◆ About this exercise ◆
Which lines in the records below mention the word "dxfattribs"? Copy each one out.

◆ Data for processing ◆

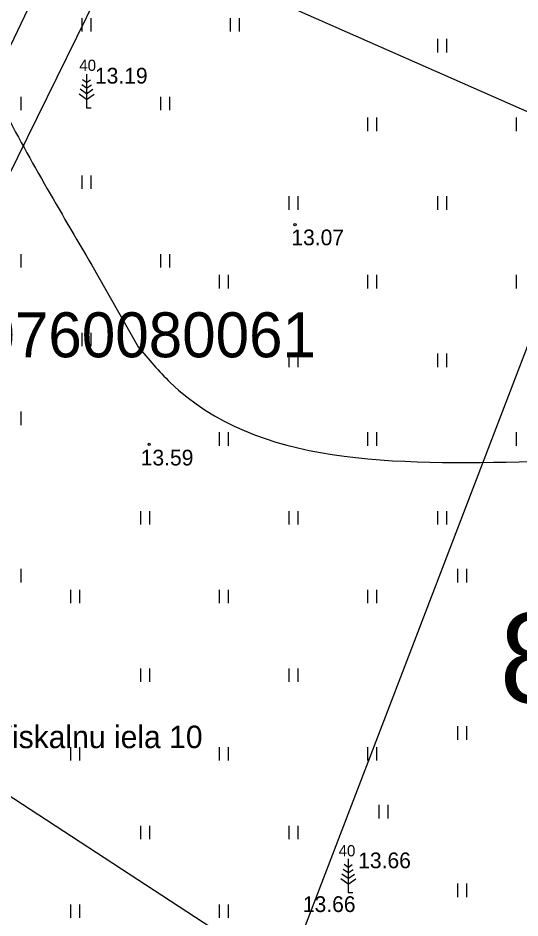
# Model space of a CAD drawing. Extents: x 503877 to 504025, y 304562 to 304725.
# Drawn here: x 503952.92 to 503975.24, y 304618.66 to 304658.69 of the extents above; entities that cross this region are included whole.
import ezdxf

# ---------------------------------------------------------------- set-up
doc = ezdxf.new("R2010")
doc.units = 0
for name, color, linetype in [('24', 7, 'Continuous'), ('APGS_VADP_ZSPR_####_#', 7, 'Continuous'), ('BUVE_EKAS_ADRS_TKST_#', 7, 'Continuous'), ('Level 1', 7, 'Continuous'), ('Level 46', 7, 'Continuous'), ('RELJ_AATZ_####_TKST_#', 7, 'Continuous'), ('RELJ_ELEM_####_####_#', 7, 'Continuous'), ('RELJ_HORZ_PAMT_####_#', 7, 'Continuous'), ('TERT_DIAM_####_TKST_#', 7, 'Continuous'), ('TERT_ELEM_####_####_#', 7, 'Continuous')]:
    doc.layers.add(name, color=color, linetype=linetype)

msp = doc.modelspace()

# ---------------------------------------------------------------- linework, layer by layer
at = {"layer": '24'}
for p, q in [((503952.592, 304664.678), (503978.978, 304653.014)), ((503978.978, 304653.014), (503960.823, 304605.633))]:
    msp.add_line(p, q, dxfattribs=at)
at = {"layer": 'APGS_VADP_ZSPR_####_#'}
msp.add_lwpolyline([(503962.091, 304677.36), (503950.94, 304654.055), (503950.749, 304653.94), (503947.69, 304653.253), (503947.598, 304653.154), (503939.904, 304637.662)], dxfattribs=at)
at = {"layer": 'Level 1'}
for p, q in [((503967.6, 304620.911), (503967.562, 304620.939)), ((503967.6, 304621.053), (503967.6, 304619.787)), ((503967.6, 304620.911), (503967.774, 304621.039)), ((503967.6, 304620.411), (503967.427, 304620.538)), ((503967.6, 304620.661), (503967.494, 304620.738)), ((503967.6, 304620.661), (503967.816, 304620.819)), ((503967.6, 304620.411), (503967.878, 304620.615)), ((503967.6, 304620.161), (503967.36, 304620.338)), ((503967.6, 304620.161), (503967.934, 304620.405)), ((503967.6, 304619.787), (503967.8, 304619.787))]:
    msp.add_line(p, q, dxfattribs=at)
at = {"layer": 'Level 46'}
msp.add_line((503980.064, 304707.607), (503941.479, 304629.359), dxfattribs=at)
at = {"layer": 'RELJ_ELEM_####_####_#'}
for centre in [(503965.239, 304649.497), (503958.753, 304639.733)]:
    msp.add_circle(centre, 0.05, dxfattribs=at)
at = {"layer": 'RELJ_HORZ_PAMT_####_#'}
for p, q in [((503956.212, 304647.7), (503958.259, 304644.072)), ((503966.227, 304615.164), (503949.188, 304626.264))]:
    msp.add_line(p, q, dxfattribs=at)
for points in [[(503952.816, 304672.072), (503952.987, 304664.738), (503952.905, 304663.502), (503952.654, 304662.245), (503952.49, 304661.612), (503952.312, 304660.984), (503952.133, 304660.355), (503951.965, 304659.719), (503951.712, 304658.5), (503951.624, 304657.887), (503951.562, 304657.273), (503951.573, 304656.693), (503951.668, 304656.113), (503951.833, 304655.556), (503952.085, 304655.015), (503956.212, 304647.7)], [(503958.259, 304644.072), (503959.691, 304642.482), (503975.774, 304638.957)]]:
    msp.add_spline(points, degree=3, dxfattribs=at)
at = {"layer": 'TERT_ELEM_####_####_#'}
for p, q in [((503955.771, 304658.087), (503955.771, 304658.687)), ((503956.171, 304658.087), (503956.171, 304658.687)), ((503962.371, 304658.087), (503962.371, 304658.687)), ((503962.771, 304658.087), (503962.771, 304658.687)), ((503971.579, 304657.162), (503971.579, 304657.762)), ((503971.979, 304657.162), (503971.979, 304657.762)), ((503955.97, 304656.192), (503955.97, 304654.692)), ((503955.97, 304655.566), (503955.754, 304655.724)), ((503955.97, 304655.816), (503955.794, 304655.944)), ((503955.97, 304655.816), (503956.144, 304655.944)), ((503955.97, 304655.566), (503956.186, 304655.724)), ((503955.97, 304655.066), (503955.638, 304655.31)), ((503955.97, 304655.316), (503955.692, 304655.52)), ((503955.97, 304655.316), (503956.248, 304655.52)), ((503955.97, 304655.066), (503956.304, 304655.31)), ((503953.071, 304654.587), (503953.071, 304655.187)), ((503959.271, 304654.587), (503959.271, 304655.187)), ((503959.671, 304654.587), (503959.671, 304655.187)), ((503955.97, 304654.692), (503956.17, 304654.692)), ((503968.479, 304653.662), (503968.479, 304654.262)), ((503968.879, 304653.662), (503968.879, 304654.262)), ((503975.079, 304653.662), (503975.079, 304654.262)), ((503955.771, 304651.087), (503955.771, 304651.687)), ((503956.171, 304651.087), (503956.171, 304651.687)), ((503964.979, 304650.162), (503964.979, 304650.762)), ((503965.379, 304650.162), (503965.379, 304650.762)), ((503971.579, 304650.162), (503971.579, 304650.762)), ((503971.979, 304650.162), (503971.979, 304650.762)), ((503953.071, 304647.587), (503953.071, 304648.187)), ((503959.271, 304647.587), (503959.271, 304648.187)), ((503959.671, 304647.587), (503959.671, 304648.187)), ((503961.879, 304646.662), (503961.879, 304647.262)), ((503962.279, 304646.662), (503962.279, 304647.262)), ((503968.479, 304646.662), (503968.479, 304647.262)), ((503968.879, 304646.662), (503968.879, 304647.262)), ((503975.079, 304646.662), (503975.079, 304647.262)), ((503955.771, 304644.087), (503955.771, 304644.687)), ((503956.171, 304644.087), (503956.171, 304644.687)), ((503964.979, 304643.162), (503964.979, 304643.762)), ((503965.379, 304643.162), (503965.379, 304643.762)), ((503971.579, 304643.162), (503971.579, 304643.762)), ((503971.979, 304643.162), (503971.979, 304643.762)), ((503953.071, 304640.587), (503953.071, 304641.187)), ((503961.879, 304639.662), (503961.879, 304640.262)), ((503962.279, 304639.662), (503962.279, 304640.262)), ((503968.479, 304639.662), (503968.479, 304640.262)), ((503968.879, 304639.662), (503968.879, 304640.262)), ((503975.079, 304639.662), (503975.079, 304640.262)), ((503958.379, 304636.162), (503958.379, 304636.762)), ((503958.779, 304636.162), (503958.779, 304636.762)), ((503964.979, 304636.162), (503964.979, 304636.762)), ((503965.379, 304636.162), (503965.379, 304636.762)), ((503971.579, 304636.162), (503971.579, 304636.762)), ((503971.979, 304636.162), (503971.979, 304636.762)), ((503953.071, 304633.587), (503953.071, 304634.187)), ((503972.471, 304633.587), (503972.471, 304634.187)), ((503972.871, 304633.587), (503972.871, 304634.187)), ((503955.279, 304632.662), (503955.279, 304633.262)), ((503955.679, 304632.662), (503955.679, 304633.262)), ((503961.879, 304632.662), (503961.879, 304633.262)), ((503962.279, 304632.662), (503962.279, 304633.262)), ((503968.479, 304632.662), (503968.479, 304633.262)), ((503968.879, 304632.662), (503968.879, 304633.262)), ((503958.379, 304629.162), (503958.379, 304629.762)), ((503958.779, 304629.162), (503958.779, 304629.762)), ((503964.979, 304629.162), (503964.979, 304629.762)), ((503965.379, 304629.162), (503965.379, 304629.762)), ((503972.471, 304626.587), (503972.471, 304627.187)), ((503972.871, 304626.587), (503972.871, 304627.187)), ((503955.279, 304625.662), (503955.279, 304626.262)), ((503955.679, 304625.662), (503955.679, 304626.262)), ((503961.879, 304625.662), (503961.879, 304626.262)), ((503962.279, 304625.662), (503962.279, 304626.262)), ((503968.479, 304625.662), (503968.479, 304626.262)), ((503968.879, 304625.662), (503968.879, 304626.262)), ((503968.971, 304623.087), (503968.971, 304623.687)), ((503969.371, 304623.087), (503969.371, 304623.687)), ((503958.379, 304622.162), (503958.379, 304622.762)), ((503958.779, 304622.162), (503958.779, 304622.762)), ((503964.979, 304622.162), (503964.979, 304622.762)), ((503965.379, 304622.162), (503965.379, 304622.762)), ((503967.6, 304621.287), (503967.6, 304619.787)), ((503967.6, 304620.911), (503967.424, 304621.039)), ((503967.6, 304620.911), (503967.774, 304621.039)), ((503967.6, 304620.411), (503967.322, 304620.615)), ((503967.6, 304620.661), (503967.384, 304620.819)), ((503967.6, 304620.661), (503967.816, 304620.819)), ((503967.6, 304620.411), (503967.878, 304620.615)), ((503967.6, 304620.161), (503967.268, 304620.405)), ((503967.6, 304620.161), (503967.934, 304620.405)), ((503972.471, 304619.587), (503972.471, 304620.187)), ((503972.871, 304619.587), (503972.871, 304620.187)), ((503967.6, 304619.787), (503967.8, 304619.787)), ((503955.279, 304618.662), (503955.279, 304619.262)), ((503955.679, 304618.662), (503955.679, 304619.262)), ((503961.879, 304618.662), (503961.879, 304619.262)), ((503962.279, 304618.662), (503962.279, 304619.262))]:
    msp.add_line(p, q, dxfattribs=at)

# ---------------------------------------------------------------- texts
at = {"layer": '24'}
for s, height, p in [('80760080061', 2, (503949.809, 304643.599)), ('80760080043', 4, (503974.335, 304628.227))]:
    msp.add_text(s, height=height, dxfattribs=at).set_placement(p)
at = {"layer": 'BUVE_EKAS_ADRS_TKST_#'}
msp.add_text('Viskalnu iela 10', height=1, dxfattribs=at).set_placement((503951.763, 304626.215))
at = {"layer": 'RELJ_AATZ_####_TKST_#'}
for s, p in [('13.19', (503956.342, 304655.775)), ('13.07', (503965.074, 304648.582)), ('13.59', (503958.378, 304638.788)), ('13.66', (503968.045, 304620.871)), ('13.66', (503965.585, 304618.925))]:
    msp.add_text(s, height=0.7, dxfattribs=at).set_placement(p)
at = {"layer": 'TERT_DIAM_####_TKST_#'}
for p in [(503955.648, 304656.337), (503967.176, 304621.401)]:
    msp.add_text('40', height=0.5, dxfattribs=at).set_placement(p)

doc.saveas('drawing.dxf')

◆ Answer section ◆
    msp.add_line(p, q, dxfattribs=at)
msp.add_lwpolyline([(503962.091, 304677.36), (503950.94, 304654.055), (503950.749, 304653.94), (503947.69, 304653.253), (503947.598, 304653.154), (503939.904, 304637.662)], dxfattribs=at)
    msp.add_line(p, q, dxfattribs=at)
msp.add_line((503980.064, 304707.607), (503941.479, 304629.359), dxfattribs=at)
    msp.add_circle(centre, 0.05, dxfattribs=at)
    msp.add_line(p, q, dxfattribs=at)
    msp.add_spline(points, degree=3, dxfattribs=at)
    msp.add_line(p, q, dxfattribs=at)
    msp.add_text(s, height=height, dxfattribs=at).set_placement(p)
msp.add_text('Viskalnu iela 10', height=1, dxfattribs=at).set_placement((503951.763, 304626.215))
    msp.add_text(s, height=0.7, dxfattribs=at).set_placement(p)
    msp.add_text('40', height=0.5, dxfattribs=at).set_placement(p)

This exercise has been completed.